[DAS2] on local and global ids
Andrew Dalke
dalke at dalkescientific.com
Thu Mar 16 10:38:00 EST 2006
Thomas:
> I'm not sure that DAS1 experience is a good model for this. It's true
> that people didn't always point to well-known reference servers, but I
> think this has more to do with the fact that people didn't know which
> server to point to.
I think I said there are two cases; there's actually several
1. the sources document states a well-known COORDINATES
and makes no links to segments
2. the sources document refers to a well-known segments server
("the" reference server) and no COORDINATES
3. the source document has a segments document, and each segment
listed uses URIs from "the" reference server
4. the server implements its own coordinates server, with
new segment ids
5. When uploading a track to Ensembl there's no need to have
either COORDINATE or segments -- the upload server can
verify for itself that the upload uses the right ids.
The *only* concern is with #4. Everything else uses the well-known
global identifier for segments.
> I'd still argue that the majority -- probably the vast majority -- of
> people setting up DAS servers really just want to make an assertion
> like "I'm annotating build NCBI35 of the human genome" and be done
> with it.
I'm fine with that. There are two ways to do it. #1 and #2 above.
In theory only one of those is needed. The document can point to
"the" reference server for NCBI 35.
In practice that's not sufficient because there is no authoritative
NCBI 35 server.
Hence COORDINATES provides an abstract global identifier describing
the reference server.
> That's what the coordinate system stuff in DAS/2 is for. If this is
> documented properly I don't think we'll see many "end-user" sites
> setting up their own reference servers unless a) they want an internal
> mirror of a well-known server purely for performance/bandwidth reasons
> or b) they want to annotate an unpublished/new/whatever genome
> assembly.
A philosophical comment. I'm a distributed, self-organizing kinda
guy. I don't think single root centralized systems work well when
there are many different groups involved.
I think many people will use the registry server, but not all.
I think there will be public DAS servers which aren't in the registry.
I know there will be in-house DAS servers which aren't.
I'm just about certain that some sites will have local copies of
the primary data. They do for GenBank, for PDB, for SWISS-PROT,
for EnsEMBL. Why not for DAS?
That said, here's a couple of questions for you to answer:
a) When connecting to a new versioned source containing only
COORDINATES data, what should the client do to get the list
of segments, sizes, and primary sequence?
I can think of several answers. My answer is that the versioned
source should state the preferred reference server and unless
otherwise configured a client should use that reference server
and only that reference server.
Yes, all the reference servers for that coordinate system
are supposed to return the same results. But that's only if
they are available. There are performance issues too, like
low bandwidth or hosting the server on a slow machine. The
DAS client shouldn't round-robin through the list until it
finds one which works because that could take several minutes
to timeout on a single server, with another 10 to try.

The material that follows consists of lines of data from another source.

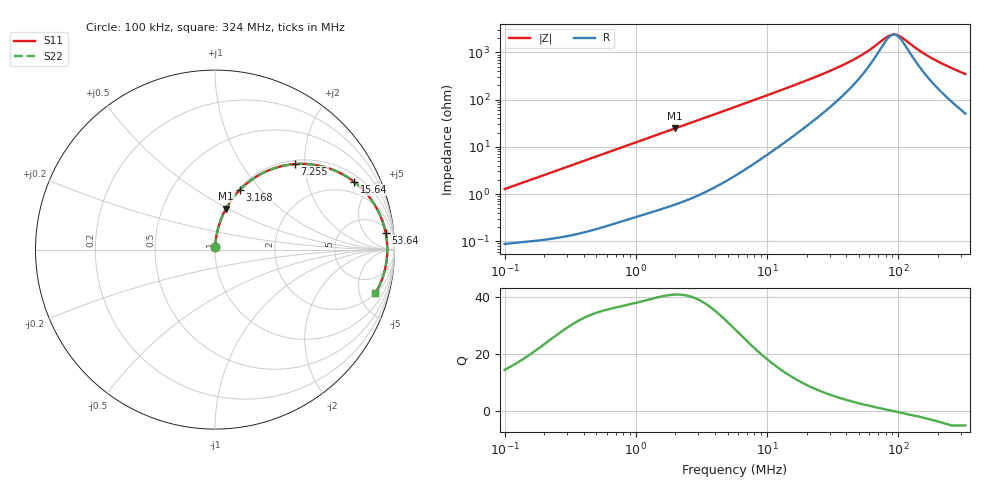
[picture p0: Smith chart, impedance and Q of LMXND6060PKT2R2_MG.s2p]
! LMXND6060PKT2R2_MG  S-PARAMETER MODEL  ( General Type )
! Model Generated by TAIYO YUDEN Corporation (https://www.yuden.co.jp/en/)
! Version 1.0
! TAIYO YUDEN Control No. 191025NI43SB-FBB
! Copyright(c) 2019 TAIYO YUDEN CO.,LTD. All Rights Reserved.
! Product Description (link to TY-COMPAS)
! https://ds.yuden.co.jp/TYCOMPAS/or/detail?pn=LMXND6060PKT2R2NMG&u=M
! Products Name : Inductors
! Characteristics :
!  Inductance : 2.2 uH , SRF(min) : 61 MHz , DC Resistance(max) : 0.066 Ohm
!  Rated Current : Saturation :3000 mA , Temp Rise : 2300 mA (40 degC)
!  Case Size : 6.0 x 6.0 / 0.236 x 0.236 [mm/inch] , Thickness : 1.4 / 0.055 [mm/inch]
!  (Conditions: Temperature = 25 degC , DC Bias Current/Voltage = 0A / 0V)
! External Node Assignments :
!  1  o---GGG---o  2
! GND o---------o GND
! Frequency Range : 0.1MHz  -  324.04089MHz  [ 402 STEP ]
# MHz S RI R 50
! Freq[MHz].  S11 Real  S11 Imag  S21 Real  S21 Imag  S12 Real  S12 Imag  S22 Real  S22 Imag
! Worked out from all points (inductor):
!   401 points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, 100 kHz to 324 MHz, reference 50 ohm
!   read as one part in series: L = 2.02 uH near 104.1 kHz
!   highest Q = 40.9 at 1.99 MHz (marker M1), where L = 1.95 uH
!   self-resonance near 92.57 MHz
!   S11 on the Smith chart (normalised r, x): 100 kHz: 1.00, +0.03; 3.168 MHz: 1.02, +0.78; 7.255 MHz: 1.07, +1.78; 15.64 MHz: 1.33, +3.91; 53.64 MHz: 8, +17; 324 MHz: 2.01, -6.89
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0.1  0.00104 0.0127  0.999 -0.0127  0.999 -0.0127  0.00104 0.0127
0.38728  0.00383 0.0482  0.9962 -0.0482  0.9962 -0.0482  0.00383 0.0482
0.80164  0.0124 0.098  0.9876 -0.098  0.9876 -0.098  0.0124 0.098
1.499861  0.0371 0.177  0.9629 -0.177  0.9629 -0.177  0.0371 0.177
1.990316  0.0613 0.228  0.9387 -0.228  0.9387 -0.228  0.0613 0.228
3.167973  0.1373 0.3315  0.8627 -0.3315  0.8627 -0.3315  0.1373 0.3315
4.2039  0.2164 0.3976  0.7836 -0.3976  0.7836 -0.3976  0.2164 0.3976
5.692459  0.3332 0.4543  0.6668 -0.4543  0.6668 -0.4543  0.3332 0.4543
7.254674  0.4451 0.4766  0.5549 -0.4766  0.5549 -0.4766  0.4451 0.4766
10.22865  0.609 0.4608  0.391 -0.4608  0.391 -0.4608  0.609 0.4608
15.63597  0.7748 0.3778  0.2252 -0.3778  0.2252 -0.3778  0.7748 0.3778
22.04577  0.8622 0.2897  0.1378 -0.2897  0.1378 -0.2897  0.8622 0.2897
36.53742  0.9292 0.1686  0.0708 -0.1686  0.0708 -0.1686  0.9292 0.1686
53.64032  0.9509 0.0925  0.0491 -0.0925  0.0491 -0.0925  0.9509 0.0925
85.37896  0.9598 0.0132  0.0402 -0.0132  0.0402 -0.0132  0.9598 0.0132
92.56714  0.96 9.66e-06  0.04 -9.66e-06  0.04 -9.66e-06  0.96 9.66e-06
100.3605  0.9598 -0.0132  0.0402 0.0132  0.0402 0.0132  0.9598 -0.0132
108.81  0.9593 -0.0264  0.0407 0.0264  0.0407 0.0264  0.9593 -0.0264
144.3909  0.9542 -0.0744  0.0458 0.0744  0.0458 0.0744  0.9542 -0.0744
176.7278  0.9469 -0.1113  0.0531 0.1113  0.0531 0.1113  0.9469 -0.1113
239.3053  0.9277 -0.1731  0.0723 0.1731  0.0723 0.1731  0.9277 -0.1731
324.0409  0.8935 -0.2438  0.1065 0.2438  0.1065 0.2438  0.8935 -0.2438

Yes, a client can be configured and told "for coordinate
system A use reference server Z". But that's a user
configuration.
b) If there is a local mirror of some reference server, how
should the local DAS clients be made aware of it? (And
should this be a supportable configuration? I think so.)
I'm pretty sure that most DAS clients won't be configurable
to look for local servers instead of global ones. Even if
they are, I'm pretty sure each will have a different way
to do so. Apollo and Bioperl will use different mechanisms.
I have no good answer for this. It sounds like your answer
is "people won't have local copies." I think they will.
Ideas:
- have a rewriting registry server which does a rewrite of
the information from the other servers. But this doesn't
work because the feature result from the remote server (in
my scheme) is given using its local segment names. There's
no way to go from that local name to the appropriate mirror
reference server. This suggests that the results really do
need to be given through global ids, with no support for
local ones. The segments result optionally provides a way
to resolve a global name through a local resource.
- set up an HTTP proxy service for DAS requests which
transparently detects, translates and redirects to the
appropriate local resource. Cute, but not likely to be
done in real life.
c) A group has been working on a new genome/assembly. The
data is annotated on local machines using DAS and DAS writeback
Finally it's published. Do they need to rewrite all their
segment identifiers to use the newly defined global ones?
As there are only a few places where the segment identifier is
used, and it's an interface layer, I think the conversion is
easy. But it is a flag day event which means people don't
want to do it. Instead, it's more likely that local people
will set up a synonym table to help with the conversion.
There are perhaps a dozen groups which might do this and they
all have competent people. This should not be a problem.